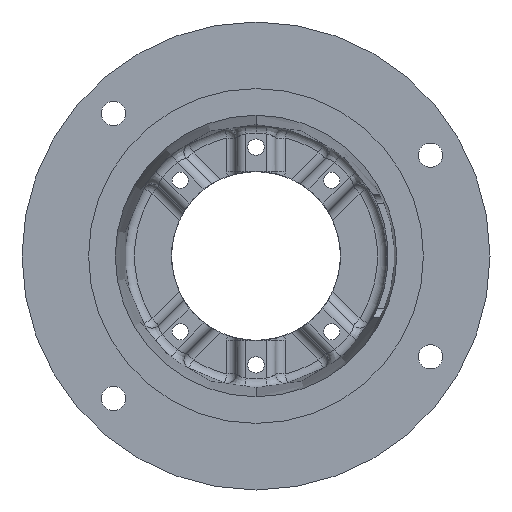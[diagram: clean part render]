
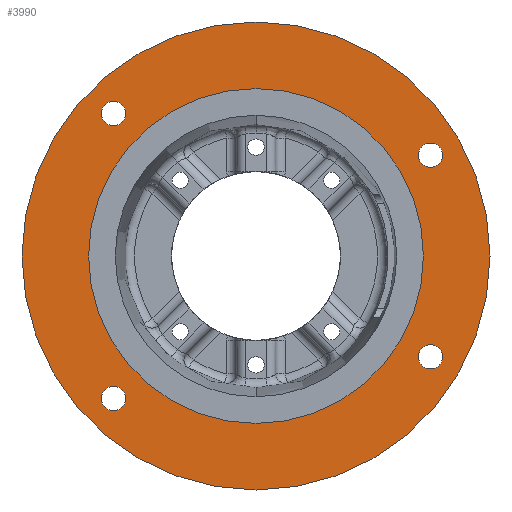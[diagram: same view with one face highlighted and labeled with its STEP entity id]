
A CAD part, front view. The second image highlights one B-rep face of the part: STEP entity #3990.
In plain terms, the highlighted planar face has unit normal (0, -1, 0).
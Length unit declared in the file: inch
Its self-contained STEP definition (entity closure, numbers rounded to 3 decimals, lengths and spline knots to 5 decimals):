
#217 = CARTESIAN_POINT ( 'NONE',  ( 0., 0., 0. ) ) ;
#221 = CARTESIAN_POINT ( 'NONE',  ( -2.74004, 0., -2.97441 ) ) ;
#310 = FACE_OUTER_BOUND ( 'NONE', #6332, .T. ) ;
#318 = VERTEX_POINT ( 'NONE', #4651 ) ;
#345 = CARTESIAN_POINT ( 'NONE',  ( 0., 0., 3.2195 ) ) ;
#368 = CARTESIAN_POINT ( 'NONE',  ( 0., 0., 0. ) ) ;
#374 = PLANE ( 'NONE',  #2643 ) ;
#421 = CARTESIAN_POINT ( 'NONE',  ( 0., 0., 4.5 ) ) ;
#475 = VERTEX_POINT ( 'NONE', #772 ) ;
#495 = ORIENTED_EDGE ( 'NONE', *, *, #2209, .F. ) ;
#548 = VERTEX_POINT ( 'NONE', #2628 ) ;
#652 = CARTESIAN_POINT ( 'NONE',  ( 3.35585, 0., -1.9375 ) ) ;
#694 = AXIS2_PLACEMENT_3D ( 'NONE', #217, #3766, #726 ) ;
#726 = DIRECTION ( 'NONE',  ( 0., 0., -1. ) ) ;
#772 = CARTESIAN_POINT ( 'NONE',  ( -2.74004, 0., -2.50566 ) ) ;
#780 = CIRCLE ( 'NONE', #3409, 0.23438 ) ;
#793 = CARTESIAN_POINT ( 'NONE',  ( 3.35585, 0., 1.9375 ) ) ;
#871 = DIRECTION ( 'NONE',  ( 0., 0., -1. ) ) ;
#941 = EDGE_LOOP ( 'NONE', ( #995, #1166 ) ) ;
#995 = ORIENTED_EDGE ( 'NONE', *, *, #2627, .F. ) ;
#1005 = DIRECTION ( 'NONE',  ( 0., -1., 0. ) ) ;
#1039 = VERTEX_POINT ( 'NONE', #1046 ) ;
#1046 = CARTESIAN_POINT ( 'NONE',  ( 3.35585, 0., -1.70312 ) ) ;
#1110 = AXIS2_PLACEMENT_3D ( 'NONE', #652, #4192, #1158 ) ;
#1158 = DIRECTION ( 'NONE',  ( 0., 0., -1. ) ) ;
#1166 = ORIENTED_EDGE ( 'NONE', *, *, #1637, .F. ) ;
#1209 = VERTEX_POINT ( 'NONE', #5465 ) ;
#1220 = ORIENTED_EDGE ( 'NONE', *, *, #1778, .F. ) ;
#1238 = AXIS2_PLACEMENT_3D ( 'NONE', #4047, #1005, #4555 ) ;
#1249 = DIRECTION ( 'NONE',  ( 0., -1., 0. ) ) ;
#1296 = DIRECTION ( 'NONE',  ( 0., 0., -1. ) ) ;
#1362 = CARTESIAN_POINT ( 'NONE',  ( -2.74004, 0., -2.74004 ) ) ;
#1410 = CARTESIAN_POINT ( 'NONE',  ( 0., 0., 0. ) ) ;
#1415 = EDGE_CURVE ( 'NONE', #6135, #3366, #4849, .T. ) ;
#1470 = FACE_BOUND ( 'NONE', #941, .T. ) ;
#1613 = VERTEX_POINT ( 'NONE', #345 ) ;
#1637 = EDGE_CURVE ( 'NONE', #1613, #1209, #4373, .T. ) ;
#1663 = CIRCLE ( 'NONE', #2344, 0.23438 ) ;
#1693 = EDGE_CURVE ( 'NONE', #2132, #318, #2696, .T. ) ;
#1778 = EDGE_CURVE ( 'NONE', #5379, #548, #3752, .T. ) ;
#1791 = CIRCLE ( 'NONE', #5778, 0.23437 ) ;
#1844 = DIRECTION ( 'NONE',  ( 0., -1., 0. ) ) ;
#1871 = DIRECTION ( 'NONE',  ( 0., 0., -1. ) ) ;
#1886 = DIRECTION ( 'NONE',  ( 0., 1., 0. ) ) ;
#1926 = DIRECTION ( 'NONE',  ( 0., 0., -1. ) ) ;
#1965 = EDGE_LOOP ( 'NONE', ( #3914, #4074 ) ) ;
#2132 = VERTEX_POINT ( 'NONE', #6338 ) ;
#2209 = EDGE_CURVE ( 'NONE', #5152, #475, #4839, .T. ) ;
#2338 = EDGE_CURVE ( 'NONE', #3039, #1039, #1663, .T. ) ;
#2344 = AXIS2_PLACEMENT_3D ( 'NONE', #2511, #6046, #3006 ) ;
#2511 = CARTESIAN_POINT ( 'NONE',  ( 3.35585, 0., -1.9375 ) ) ;
#2534 = CIRCLE ( 'NONE', #1110, 0.23438 ) ;
#2596 = AXIS2_PLACEMENT_3D ( 'NONE', #1410, #4963, #1926 ) ;
#2627 = EDGE_CURVE ( 'NONE', #1209, #1613, #5698, .T. ) ;
#2628 = CARTESIAN_POINT ( 'NONE',  ( 3.35585, 0., 2.17188 ) ) ;
#2643 = AXIS2_PLACEMENT_3D ( 'NONE', #4927, #1886, #5428 ) ;
#2696 = CIRCLE ( 'NONE', #6102, 0.23438 ) ;
#2754 = EDGE_CURVE ( 'NONE', #318, #2132, #4214, .T. ) ;
#2787 = EDGE_CURVE ( 'NONE', #1039, #3039, #2534, .T. ) ;
#2832 = FACE_BOUND ( 'NONE', #1965, .T. ) ;
#2833 = DIRECTION ( 'NONE',  ( 0., -1., 0. ) ) ;
#2888 = ORIENTED_EDGE ( 'NONE', *, *, #2754, .F. ) ;
#2973 = FACE_BOUND ( 'NONE', #5688, .T. ) ;
#2996 = CARTESIAN_POINT ( 'NONE',  ( -2.74004, 0., 2.74004 ) ) ;
#3002 = ORIENTED_EDGE ( 'NONE', *, *, #4707, .F. ) ;
#3006 = DIRECTION ( 'NONE',  ( 0., 0., -1. ) ) ;
#3039 = VERTEX_POINT ( 'NONE', #4670 ) ;
#3366 = VERTEX_POINT ( 'NONE', #421 ) ;
#3393 = AXIS2_PLACEMENT_3D ( 'NONE', #368, #3913, #871 ) ;
#3409 = AXIS2_PLACEMENT_3D ( 'NONE', #793, #4333, #1296 ) ;
#3474 = EDGE_LOOP ( 'NONE', ( #495, #4856 ) ) ;
#3515 = DIRECTION ( 'NONE',  ( 0., 0., -1. ) ) ;
#3752 = CIRCLE ( 'NONE', #1238, 0.23438 ) ;
#3766 = DIRECTION ( 'NONE',  ( 0., -1., 0. ) ) ;
#3913 = DIRECTION ( 'NONE',  ( 0., -1., 0. ) ) ;
#3914 = ORIENTED_EDGE ( 'NONE', *, *, #2338, .F. ) ;
#3959 = AXIS2_PLACEMENT_3D ( 'NONE', #4283, #1249, #4797 ) ;
#3990 = ADVANCED_FACE ( 'NONE', ( #4186, #2832, #5511, #2973, #1470, #310 ), #374, .F. ) ;
#4014 = CIRCLE ( 'NONE', #2596, 4.5 ) ;
#4047 = CARTESIAN_POINT ( 'NONE',  ( 3.35585, 0., 1.9375 ) ) ;
#4074 = ORIENTED_EDGE ( 'NONE', *, *, #2787, .F. ) ;
#4186 = FACE_BOUND ( 'NONE', #5854, .T. ) ;
#4192 = DIRECTION ( 'NONE',  ( 0., -1., 0. ) ) ;
#4214 = CIRCLE ( 'NONE', #5640, 0.23438 ) ;
#4283 = CARTESIAN_POINT ( 'NONE',  ( 0., 0., 0. ) ) ;
#4333 = DIRECTION ( 'NONE',  ( 0., -1., 0. ) ) ;
#4373 = CIRCLE ( 'NONE', #3393, 3.2195 ) ;
#4472 = CARTESIAN_POINT ( 'NONE',  ( 3.35585, 0., 1.70313 ) ) ;
#4555 = DIRECTION ( 'NONE',  ( 0., 0., -1. ) ) ;
#4651 = CARTESIAN_POINT ( 'NONE',  ( -2.74004, 0., 2.50566 ) ) ;
#4670 = CARTESIAN_POINT ( 'NONE',  ( 3.35585, 0., -2.17187 ) ) ;
#4707 = EDGE_CURVE ( 'NONE', #548, #5379, #780, .T. ) ;
#4794 = EDGE_CURVE ( 'NONE', #475, #5152, #1791, .T. ) ;
#4797 = DIRECTION ( 'NONE',  ( 0., 0., -1. ) ) ;
#4839 = CIRCLE ( 'NONE', #5505, 0.23437 ) ;
#4846 = CARTESIAN_POINT ( 'NONE',  ( 0., 0., -4.5 ) ) ;
#4849 = CIRCLE ( 'NONE', #694, 4.5 ) ;
#4856 = ORIENTED_EDGE ( 'NONE', *, *, #4794, .F. ) ;
#4879 = EDGE_CURVE ( 'NONE', #3366, #6135, #4014, .T. ) ;
#4883 = CARTESIAN_POINT ( 'NONE',  ( -2.74004, 0., -2.74004 ) ) ;
#4904 = DIRECTION ( 'NONE',  ( 0., -1., 0. ) ) ;
#4927 = CARTESIAN_POINT ( 'NONE',  ( -4.5, 0., 0. ) ) ;
#4963 = DIRECTION ( 'NONE',  ( 0., -1., 0. ) ) ;
#5152 = VERTEX_POINT ( 'NONE', #221 ) ;
#5379 = VERTEX_POINT ( 'NONE', #4472 ) ;
#5380 = DIRECTION ( 'NONE',  ( 0., 0., -1. ) ) ;
#5428 = DIRECTION ( 'NONE',  ( 0., 0., 1. ) ) ;
#5465 = CARTESIAN_POINT ( 'NONE',  ( 0., 0., -3.2195 ) ) ;
#5505 = AXIS2_PLACEMENT_3D ( 'NONE', #1362, #4904, #1871 ) ;
#5511 = FACE_BOUND ( 'NONE', #3474, .T. ) ;
#5640 = AXIS2_PLACEMENT_3D ( 'NONE', #2996, #6536, #3515 ) ;
#5688 = EDGE_LOOP ( 'NONE', ( #2888, #5785 ) ) ;
#5698 = CIRCLE ( 'NONE', #3959, 3.2195 ) ;
#5778 = AXIS2_PLACEMENT_3D ( 'NONE', #4883, #1844, #5380 ) ;
#5785 = ORIENTED_EDGE ( 'NONE', *, *, #1693, .F. ) ;
#5854 = EDGE_LOOP ( 'NONE', ( #1220, #3002 ) ) ;
#5858 = CARTESIAN_POINT ( 'NONE',  ( -2.74004, 0., 2.74004 ) ) ;
#5953 = ORIENTED_EDGE ( 'NONE', *, *, #1415, .T. ) ;
#6046 = DIRECTION ( 'NONE',  ( 0., -1., 0. ) ) ;
#6102 = AXIS2_PLACEMENT_3D ( 'NONE', #5858, #2833, #6375 ) ;
#6135 = VERTEX_POINT ( 'NONE', #4846 ) ;
#6172 = ORIENTED_EDGE ( 'NONE', *, *, #4879, .T. ) ;
#6332 = EDGE_LOOP ( 'NONE', ( #5953, #6172 ) ) ;
#6338 = CARTESIAN_POINT ( 'NONE',  ( -2.74004, 0., 2.97441 ) ) ;
#6375 = DIRECTION ( 'NONE',  ( 0., 0., -1. ) ) ;
#6536 = DIRECTION ( 'NONE',  ( 0., -1., 0. ) ) ;
==*==
# [WHAT THE TASK REQUIRES]
Take exactly the lines from the one containing "#345 = CARTESIAN_POINT" through the one containing "#726 = DIRECTION" in the data above, and output them with nothing added.

# [RESULT FOR THIS TASK]
#345 = CARTESIAN_POINT ( 'NONE',  ( 0., 0., 3.2195 ) ) ;
#368 = CARTESIAN_POINT ( 'NONE',  ( 0., 0., 0. ) ) ;
#374 = PLANE ( 'NONE',  #2643 ) ;
#421 = CARTESIAN_POINT ( 'NONE',  ( 0., 0., 4.5 ) ) ;
#475 = VERTEX_POINT ( 'NONE', #772 ) ;
#495 = ORIENTED_EDGE ( 'NONE', *, *, #2209, .F. ) ;
#548 = VERTEX_POINT ( 'NONE', #2628 ) ;
#652 = CARTESIAN_POINT ( 'NONE',  ( 3.35585, 0., -1.9375 ) ) ;
#694 = AXIS2_PLACEMENT_3D ( 'NONE', #217, #3766, #726 ) ;
#726 = DIRECTION ( 'NONE',  ( 0., 0., -1. ) ) ;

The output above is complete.